Hugo SEO: noindex on taxonomies to fix Bing's "too many thin pages" warning

Context
Bing Webmaster Tools was raising a “There are too many pages with insufficient content” recommendation (severity: moderate) — 15 pages flagged, all of the same type:
https://www.arleo.eu/en/tags/svg/https://www.arleo.eu/en/tags/sonarr/https://www.arleo.eu/en/categories/incidents/- etc.

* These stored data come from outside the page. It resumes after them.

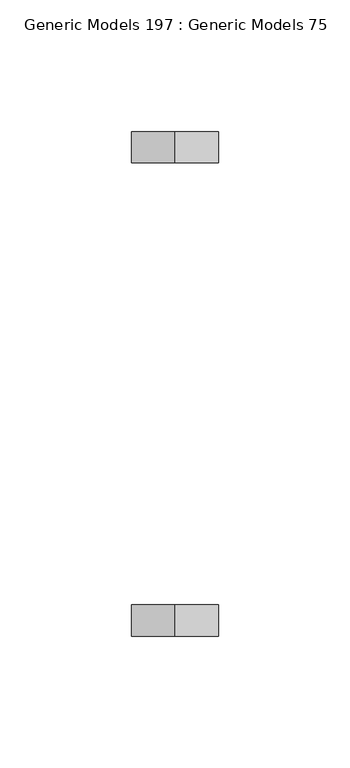
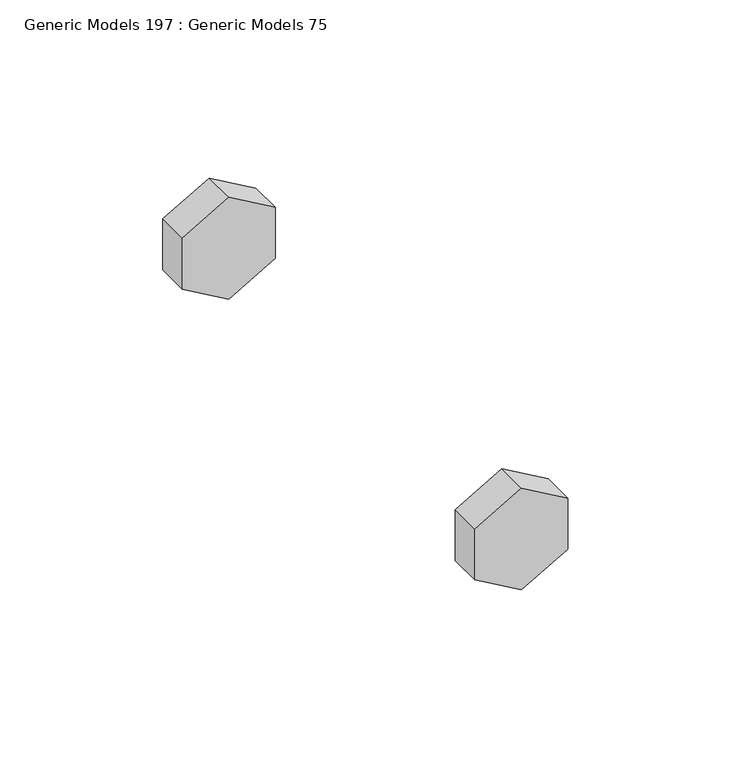
"""IFC4 building model written with IfcOpenShell, lengths in millimetres: proxy geometry, Generic Models 197 : Generic Models 75."""

from ifc_helpers import new_model, si_unit, frame, origin, place, context, project, spatial, polyline, outline, extrude, source, transform, mapped, element, save


def generic_models_197_generic_models_75_92a70932(model_context):
    return source(origin(), model_context, "Body", "SweptSolid", [
        extrude(outline(polyline([(271833.975, 31991.9073871), (271853.025, 31991.9073871), (271862.55, 31975.4096032), (271853.025, 31958.9118192), (271833.975, 31958.9118192), (271824.45, 31975.4096032), (271833.975, 31991.9073871)])), frame((0.0, 35193.7770442, 0.0), z_axis=(0.0, 1.0, 0.0), x_axis=(0.0, 0.0, 1.0)), (0.0, 0.0, 1.0), 11.90625),
        extrude(outline(polyline([(271833.975, 31991.9073871), (271853.025, 31991.9073871), (271862.55, 31975.4096032), (271853.025, 31958.9118192), (271833.975, 31958.9118192), (271824.45, 31975.4096032), (271833.975, 31991.9073871)])), frame((0.0, 35373.5614192, 0.0), z_axis=(0.0, 1.0, 0.0), x_axis=(0.0, 0.0, 1.0)), (0.0, 0.0, 1.0), 11.90625),
    ])


if __name__ == "__main__":
    model = new_model("IFC4")
    model_context = context("Model", 3, world=origin())
    ifc_project = project(units=[si_unit("LENGTHUNIT", "METRE", prefix="MILLI")], contexts=[model_context])
    site = spatial("IfcSite", under=ifc_project)
    building = spatial("IfcBuilding", under=site)
    placement = place(None, origin())
    generic_models_197_generic_models_75_shape = generic_models_197_generic_models_75_92a70932(model_context)
    element("IfcBuildingElementProxy", 1, Name="Generic Models 197 : Generic Models 75", ObjectType="Generic Models 197 : Generic Models 75", at=placement, inside=building, context=model_context, shape_type="MappedRepresentation", body=[
        mapped(generic_models_197_generic_models_75_shape, transform((0.0, 0.0, 0.0), x_axis=(1.0, 0.0, 0.0), y_axis=(0.0, 1.0, 0.0), z_axis=(0.0, 0.0, 1.0))),
    ])
    save(model, "model.ifc")

These are Hugo taxonomy pages — tag and category listing pages. They contain no article content of their own, just a list of links. From Bing’s perspective, that’s thin content.
Chosen strategy
Three options were available:
- Block via
robots.txt→ discouraged: prevents crawling, hides internal links - Enrich taxonomy page content → too costly for a technical blog
noindex,follow→ the right answer: tell robots not to index the page, but still follow links to articles
Option 3 is the correct call. The follow preserves internal linking — robots continue discovering articles through these pages.
Implementation
Hugo concept: .Kind
Hugo classifies every page by its kind:
| Kind | Example URL |
|---|---|
home | / |
page | /posts/my-article/ |
section | /posts/ |
taxonomy | /tags/, /categories/ |
term | /tags/hugo/, /categories/homelab/ |
The pages to handle are .Kind == "taxonomy" and .Kind == "term".
Change: layouts/baseof.html
The site uses a custom baseof.html that already overrides the LoveIt theme. It’s the natural place to centralise robots logic.
Before:
<meta name="robots" content="index, follow" />After:
{{- if .Params.robots -}}
<meta name="robots" content="{{ .Params.robots }}" />
{{- else if or (eq .Kind "taxonomy") (eq .Kind "term") -}}
<meta name="robots" content="noindex,follow" />
{{- else -}}
<meta name="robots" content="index, follow" />
{{- end -}}A three-level cascade:
- Front matter
robots:— absolute priority for future one-off exceptions - Taxonomies — automatic
noindex,follow - Everything else —
index, follow
One file changed, no duplication, no taxonomy layout overrides needed.
Removing taxonomies from the sitemap
Having noindex pages in a sitemap is inconsistent — you’re telling robots not to index a page while explicitly pointing them to it. Best practice is to remove them.
The LoveIt sitemap includes all pages. A minimal override in layouts/sitemap.xml:
{{- $excludedKinds := slice "taxonomy" "term" -}}
{{- range (where .Data.Pages "Section" "!=" "gallery") -}}
{{- if not (in $excludedKinds .Kind) -}}
<url>
<loc>{{- .Permalink -}}</loc>
...
</url>
{{- end -}}
{{- end -}}Result: the EN sitemap drops from 117 to 40 URLs (77 taxonomy entries removed).
Verification
After rebuild:
# Taxonomy pages → noindex,follow
curl -s https://www.arleo.eu/tags/ | grep -o 'name=robots[^>]*>'
# → name=robots content="noindex,follow">
curl -s https://www.arleo.eu/en/tags/sonarr/ | grep -o 'name=robots[^>]*>'
# → name=robots content="noindex,follow">
# Articles → index, follow
curl -s https://www.arleo.eu/en/posts/debug-seo-404-broken-links/ | grep -o 'name=robots[^>]*>'
# → name=robots content="index, follow">
# Clean sitemap
curl -s https://www.arleo.eu/en/sitemap.xml | grep -o '<loc>[^<]*</loc>' | grep 'tags\|categories' | wc -l
# → 0Modified files
| File | Role |
|---|---|
layouts/baseof.html | Conditional robots logic |
layouts/sitemap.xml | Sitemap override — excludes taxonomy/term |
robots.txt was not touched. Taxonomy URLs remain accessible and crawlable — only their indexing is disabled.
On the Bing side
The fix is immediate on the technical side. Bing will take a few days to re-crawl the pages and update the recommendation. To speed things up: in Bing Webmaster Tools → Recommendations → manually validate or submit a sitemap recrawl request.